• _WHAT YOU WILL DO_: Searching the material below, find each line that includes the word "cylinder", and copy it.

• _SUPPLIED RECORDS_:
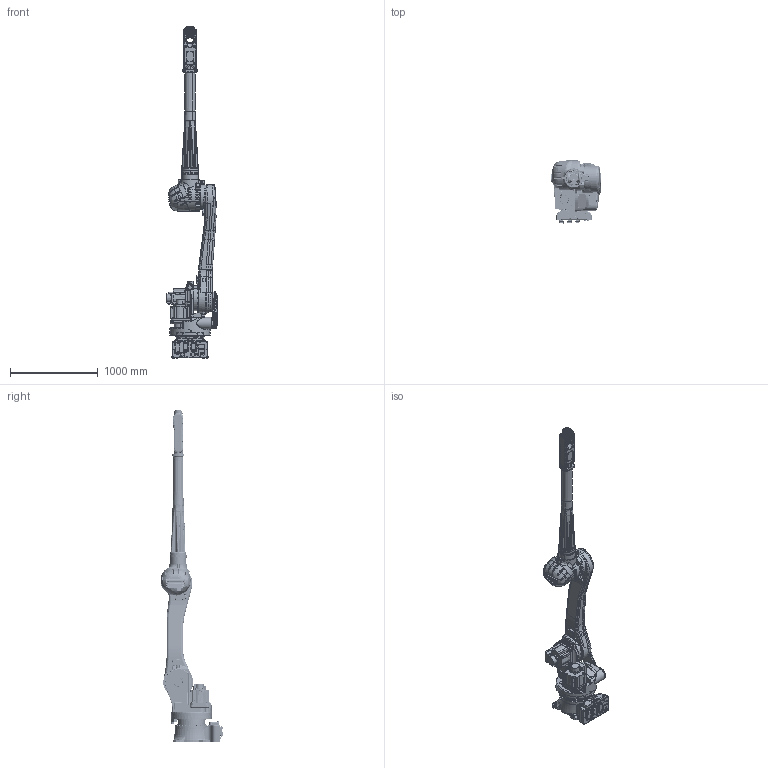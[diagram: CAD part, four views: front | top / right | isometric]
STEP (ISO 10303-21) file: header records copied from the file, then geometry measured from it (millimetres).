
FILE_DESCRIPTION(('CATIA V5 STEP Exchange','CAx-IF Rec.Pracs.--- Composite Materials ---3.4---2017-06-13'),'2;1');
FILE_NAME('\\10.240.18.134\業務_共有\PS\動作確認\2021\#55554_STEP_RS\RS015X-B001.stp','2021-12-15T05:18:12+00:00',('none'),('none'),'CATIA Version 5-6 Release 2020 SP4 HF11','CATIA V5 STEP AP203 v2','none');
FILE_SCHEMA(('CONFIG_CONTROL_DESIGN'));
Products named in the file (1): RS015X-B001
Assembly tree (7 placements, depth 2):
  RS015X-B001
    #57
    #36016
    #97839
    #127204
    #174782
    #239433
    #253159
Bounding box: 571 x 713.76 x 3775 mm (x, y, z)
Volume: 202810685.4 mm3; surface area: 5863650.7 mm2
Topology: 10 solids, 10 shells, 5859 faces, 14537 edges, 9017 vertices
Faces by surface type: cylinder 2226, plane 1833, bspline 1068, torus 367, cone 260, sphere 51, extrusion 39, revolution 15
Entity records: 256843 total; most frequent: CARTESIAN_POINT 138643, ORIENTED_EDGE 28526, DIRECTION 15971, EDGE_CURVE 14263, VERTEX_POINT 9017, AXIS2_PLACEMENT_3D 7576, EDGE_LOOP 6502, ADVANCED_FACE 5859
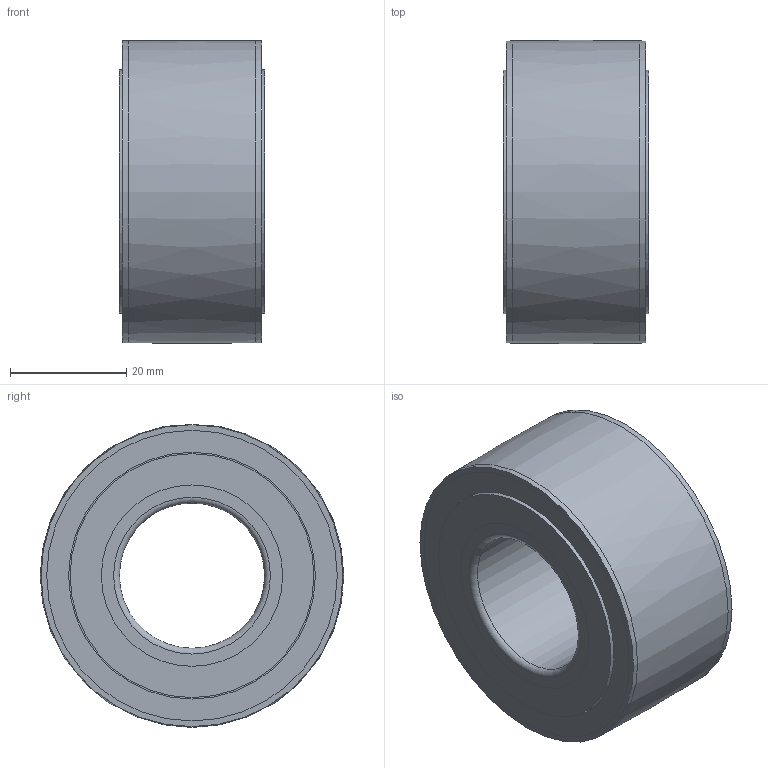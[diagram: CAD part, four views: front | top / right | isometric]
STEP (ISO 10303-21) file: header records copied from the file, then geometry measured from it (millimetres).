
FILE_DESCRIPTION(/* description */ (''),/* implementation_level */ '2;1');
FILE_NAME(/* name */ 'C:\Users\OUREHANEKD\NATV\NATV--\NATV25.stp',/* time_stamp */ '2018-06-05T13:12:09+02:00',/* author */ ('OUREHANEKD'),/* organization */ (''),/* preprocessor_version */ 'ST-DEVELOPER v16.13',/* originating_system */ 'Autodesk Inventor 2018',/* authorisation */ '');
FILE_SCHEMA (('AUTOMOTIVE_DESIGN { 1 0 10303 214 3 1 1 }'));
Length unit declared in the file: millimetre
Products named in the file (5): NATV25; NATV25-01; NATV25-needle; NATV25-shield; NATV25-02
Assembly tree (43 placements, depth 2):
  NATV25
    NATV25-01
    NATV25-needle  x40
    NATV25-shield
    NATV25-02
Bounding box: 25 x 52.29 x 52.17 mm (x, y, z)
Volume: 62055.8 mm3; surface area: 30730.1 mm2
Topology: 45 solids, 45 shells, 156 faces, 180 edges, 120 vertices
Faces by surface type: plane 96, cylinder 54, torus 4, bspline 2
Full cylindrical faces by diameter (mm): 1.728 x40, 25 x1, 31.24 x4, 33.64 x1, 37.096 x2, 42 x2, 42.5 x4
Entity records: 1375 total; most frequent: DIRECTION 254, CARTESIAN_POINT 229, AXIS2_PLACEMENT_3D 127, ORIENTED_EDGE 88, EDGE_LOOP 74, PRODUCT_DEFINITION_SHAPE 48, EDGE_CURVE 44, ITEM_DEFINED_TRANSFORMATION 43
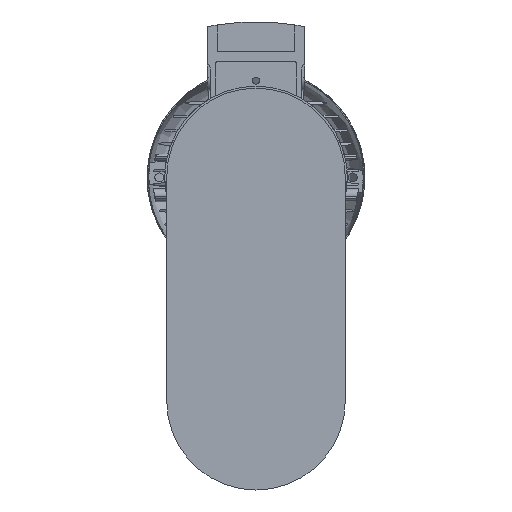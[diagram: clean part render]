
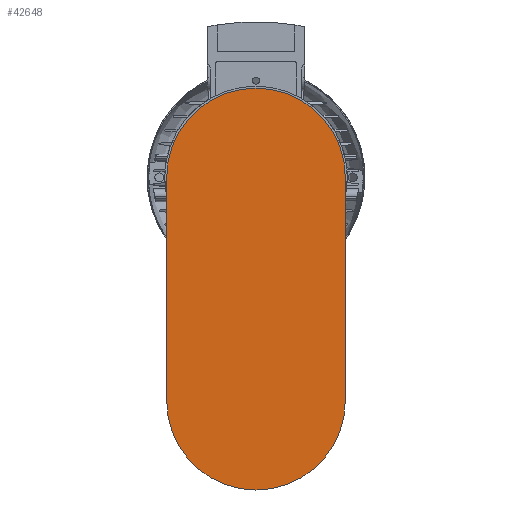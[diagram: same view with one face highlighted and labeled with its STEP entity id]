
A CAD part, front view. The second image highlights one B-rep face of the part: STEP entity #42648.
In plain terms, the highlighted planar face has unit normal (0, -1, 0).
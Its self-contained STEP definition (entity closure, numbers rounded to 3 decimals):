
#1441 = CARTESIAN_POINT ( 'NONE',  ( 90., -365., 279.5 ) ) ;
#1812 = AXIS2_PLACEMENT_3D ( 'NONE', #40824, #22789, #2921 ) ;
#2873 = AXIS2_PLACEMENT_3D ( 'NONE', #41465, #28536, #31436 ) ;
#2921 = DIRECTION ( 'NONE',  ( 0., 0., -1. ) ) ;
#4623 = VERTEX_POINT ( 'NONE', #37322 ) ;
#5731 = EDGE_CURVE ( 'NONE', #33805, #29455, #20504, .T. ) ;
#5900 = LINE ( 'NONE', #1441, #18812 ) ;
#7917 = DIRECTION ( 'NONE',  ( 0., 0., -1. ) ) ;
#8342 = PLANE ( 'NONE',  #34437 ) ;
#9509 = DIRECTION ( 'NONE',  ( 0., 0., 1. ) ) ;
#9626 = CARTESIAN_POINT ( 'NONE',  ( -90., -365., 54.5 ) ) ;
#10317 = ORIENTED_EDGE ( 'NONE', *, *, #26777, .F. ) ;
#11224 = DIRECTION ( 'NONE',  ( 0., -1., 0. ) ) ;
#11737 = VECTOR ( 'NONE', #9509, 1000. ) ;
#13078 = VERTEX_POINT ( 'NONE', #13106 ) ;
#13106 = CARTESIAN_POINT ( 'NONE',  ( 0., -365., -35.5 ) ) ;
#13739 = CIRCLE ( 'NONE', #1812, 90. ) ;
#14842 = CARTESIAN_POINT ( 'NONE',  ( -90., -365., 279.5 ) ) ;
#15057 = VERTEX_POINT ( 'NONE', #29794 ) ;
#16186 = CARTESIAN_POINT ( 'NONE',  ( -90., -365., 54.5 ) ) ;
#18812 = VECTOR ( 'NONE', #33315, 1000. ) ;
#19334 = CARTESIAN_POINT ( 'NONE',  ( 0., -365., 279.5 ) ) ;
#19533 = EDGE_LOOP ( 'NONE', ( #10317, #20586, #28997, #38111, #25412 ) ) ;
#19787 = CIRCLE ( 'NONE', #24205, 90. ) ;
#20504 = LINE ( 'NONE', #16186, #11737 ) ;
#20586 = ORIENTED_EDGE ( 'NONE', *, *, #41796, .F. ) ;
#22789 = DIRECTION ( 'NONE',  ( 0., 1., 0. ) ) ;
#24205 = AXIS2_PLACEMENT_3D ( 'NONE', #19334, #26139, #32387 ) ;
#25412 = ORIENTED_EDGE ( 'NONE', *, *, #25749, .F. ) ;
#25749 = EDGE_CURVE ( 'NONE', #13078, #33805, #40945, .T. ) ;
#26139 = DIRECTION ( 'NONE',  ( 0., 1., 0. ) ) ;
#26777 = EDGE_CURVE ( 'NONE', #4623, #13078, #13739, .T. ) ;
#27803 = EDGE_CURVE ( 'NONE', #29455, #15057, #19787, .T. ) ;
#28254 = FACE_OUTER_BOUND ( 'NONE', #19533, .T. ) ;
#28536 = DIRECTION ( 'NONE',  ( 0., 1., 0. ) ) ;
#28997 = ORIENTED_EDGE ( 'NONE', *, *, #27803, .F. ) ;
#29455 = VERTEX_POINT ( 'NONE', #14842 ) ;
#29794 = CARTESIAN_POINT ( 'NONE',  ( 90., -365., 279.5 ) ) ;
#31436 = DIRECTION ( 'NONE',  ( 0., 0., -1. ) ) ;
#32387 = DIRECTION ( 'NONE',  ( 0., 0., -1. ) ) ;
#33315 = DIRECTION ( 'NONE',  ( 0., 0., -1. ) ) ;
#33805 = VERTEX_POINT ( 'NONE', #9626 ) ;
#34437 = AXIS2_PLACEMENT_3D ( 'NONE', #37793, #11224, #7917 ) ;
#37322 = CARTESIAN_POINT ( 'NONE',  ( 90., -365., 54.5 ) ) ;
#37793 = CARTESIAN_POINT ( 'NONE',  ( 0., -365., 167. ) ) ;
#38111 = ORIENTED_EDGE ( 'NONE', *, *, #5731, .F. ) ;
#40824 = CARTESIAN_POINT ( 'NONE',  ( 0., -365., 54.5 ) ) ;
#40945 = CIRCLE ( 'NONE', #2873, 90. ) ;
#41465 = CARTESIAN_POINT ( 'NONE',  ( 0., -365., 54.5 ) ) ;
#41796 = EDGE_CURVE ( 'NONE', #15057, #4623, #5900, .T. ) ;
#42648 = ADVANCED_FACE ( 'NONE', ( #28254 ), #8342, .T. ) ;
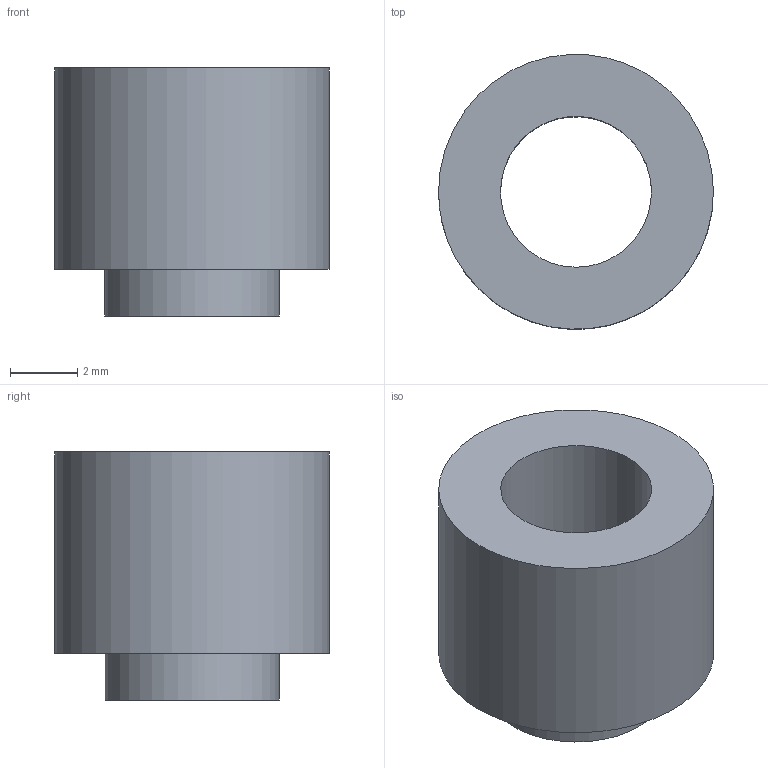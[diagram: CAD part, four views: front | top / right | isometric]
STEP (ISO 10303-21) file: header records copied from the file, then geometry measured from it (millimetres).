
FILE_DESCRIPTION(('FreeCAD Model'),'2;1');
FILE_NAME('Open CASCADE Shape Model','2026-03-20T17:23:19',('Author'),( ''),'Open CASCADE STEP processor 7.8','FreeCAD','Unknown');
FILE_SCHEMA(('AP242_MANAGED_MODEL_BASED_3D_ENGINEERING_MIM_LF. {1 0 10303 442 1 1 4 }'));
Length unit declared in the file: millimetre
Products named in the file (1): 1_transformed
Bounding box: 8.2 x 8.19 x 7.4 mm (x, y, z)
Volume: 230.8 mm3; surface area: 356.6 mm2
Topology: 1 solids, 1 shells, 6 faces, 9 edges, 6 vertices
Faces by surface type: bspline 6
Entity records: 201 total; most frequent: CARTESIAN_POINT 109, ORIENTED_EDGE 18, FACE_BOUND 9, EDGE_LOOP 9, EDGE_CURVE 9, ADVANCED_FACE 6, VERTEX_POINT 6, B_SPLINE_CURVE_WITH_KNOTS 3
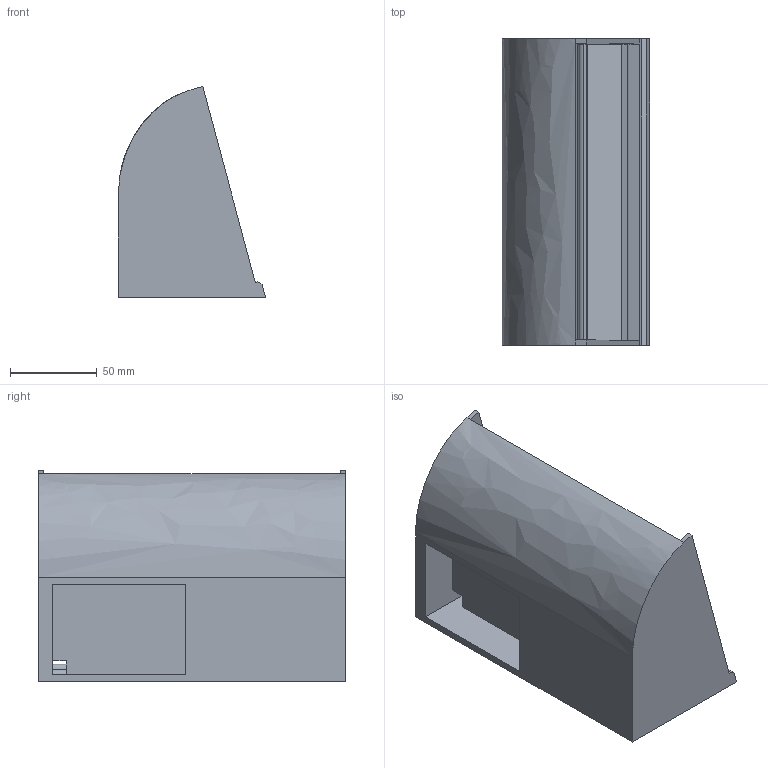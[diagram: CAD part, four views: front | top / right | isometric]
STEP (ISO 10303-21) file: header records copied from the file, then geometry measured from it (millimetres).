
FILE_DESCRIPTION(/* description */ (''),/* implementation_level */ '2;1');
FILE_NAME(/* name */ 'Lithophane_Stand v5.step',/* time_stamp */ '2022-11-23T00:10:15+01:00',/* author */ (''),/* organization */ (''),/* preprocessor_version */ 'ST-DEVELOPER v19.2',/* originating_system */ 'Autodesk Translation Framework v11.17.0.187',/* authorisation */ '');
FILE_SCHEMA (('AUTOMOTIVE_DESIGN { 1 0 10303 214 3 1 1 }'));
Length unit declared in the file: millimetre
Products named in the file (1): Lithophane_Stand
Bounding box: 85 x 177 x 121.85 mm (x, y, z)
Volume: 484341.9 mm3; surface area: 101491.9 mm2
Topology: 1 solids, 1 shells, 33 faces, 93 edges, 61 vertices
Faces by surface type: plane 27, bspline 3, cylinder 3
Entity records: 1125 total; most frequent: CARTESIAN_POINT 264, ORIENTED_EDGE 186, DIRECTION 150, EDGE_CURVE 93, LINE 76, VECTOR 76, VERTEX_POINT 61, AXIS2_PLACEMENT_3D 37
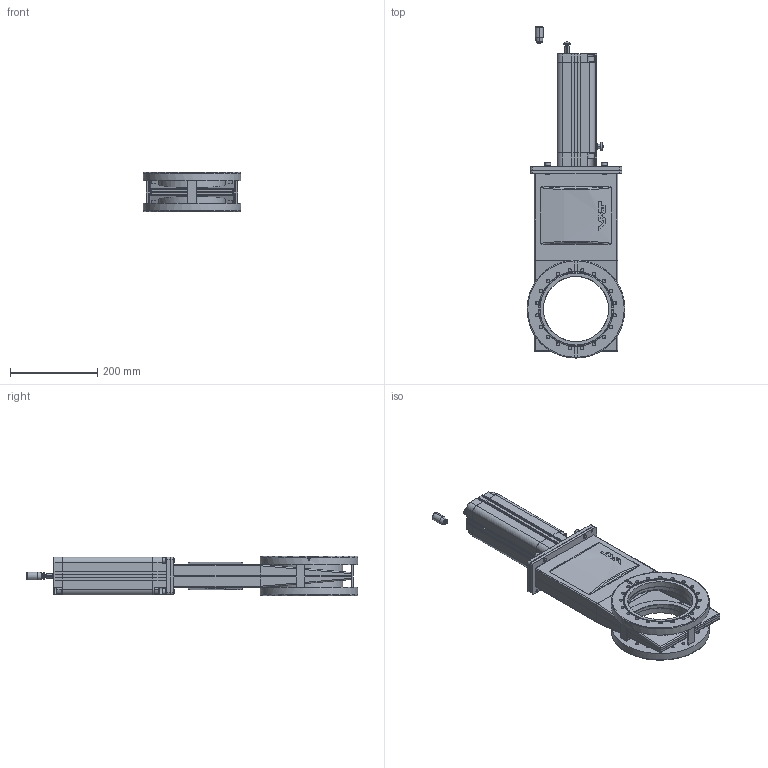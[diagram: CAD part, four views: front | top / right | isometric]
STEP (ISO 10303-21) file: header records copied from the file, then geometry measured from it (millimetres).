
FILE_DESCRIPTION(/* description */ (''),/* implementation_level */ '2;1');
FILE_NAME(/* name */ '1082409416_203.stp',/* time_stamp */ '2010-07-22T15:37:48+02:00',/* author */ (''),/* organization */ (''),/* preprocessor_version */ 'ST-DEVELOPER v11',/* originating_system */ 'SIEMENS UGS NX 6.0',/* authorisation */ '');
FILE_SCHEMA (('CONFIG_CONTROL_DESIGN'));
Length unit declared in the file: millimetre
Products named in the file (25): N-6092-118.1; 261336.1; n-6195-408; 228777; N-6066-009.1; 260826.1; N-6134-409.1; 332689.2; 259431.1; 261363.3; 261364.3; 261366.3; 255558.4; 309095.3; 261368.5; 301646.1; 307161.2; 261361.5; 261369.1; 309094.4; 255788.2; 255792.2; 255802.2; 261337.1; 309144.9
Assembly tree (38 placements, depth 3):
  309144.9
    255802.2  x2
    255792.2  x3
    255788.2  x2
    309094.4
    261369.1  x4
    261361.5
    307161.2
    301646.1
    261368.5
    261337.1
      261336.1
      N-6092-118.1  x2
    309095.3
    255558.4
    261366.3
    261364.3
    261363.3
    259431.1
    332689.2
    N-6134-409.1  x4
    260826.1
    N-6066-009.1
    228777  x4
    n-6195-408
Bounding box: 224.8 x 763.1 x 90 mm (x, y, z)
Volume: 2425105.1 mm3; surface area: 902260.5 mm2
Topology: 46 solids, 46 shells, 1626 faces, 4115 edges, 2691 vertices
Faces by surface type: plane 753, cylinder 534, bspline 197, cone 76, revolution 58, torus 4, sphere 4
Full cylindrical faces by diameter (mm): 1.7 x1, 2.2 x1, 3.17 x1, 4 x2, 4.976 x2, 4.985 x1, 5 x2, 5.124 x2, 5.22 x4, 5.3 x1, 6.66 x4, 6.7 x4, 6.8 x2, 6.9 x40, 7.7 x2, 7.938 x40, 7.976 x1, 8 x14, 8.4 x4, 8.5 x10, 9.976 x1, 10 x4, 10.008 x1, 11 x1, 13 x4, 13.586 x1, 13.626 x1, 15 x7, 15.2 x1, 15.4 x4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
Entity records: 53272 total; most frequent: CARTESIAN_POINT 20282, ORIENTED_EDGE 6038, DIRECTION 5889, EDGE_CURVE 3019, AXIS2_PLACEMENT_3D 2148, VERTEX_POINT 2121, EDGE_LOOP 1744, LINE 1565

• _ANSWER BOX_:
Faces by surface type: cylinder 2226, plane 1833, bspline 1068, torus 367, cone 260, sphere 51, extrusion 39, revolution 15
Faces by surface type: plane 96, cylinder 54, torus 4, bspline 2
Faces by surface type: plane 27, bspline 3, cylinder 3
Faces by surface type: plane 753, cylinder 534, bspline 197, cone 76, revolution 58, torus 4, sphere 4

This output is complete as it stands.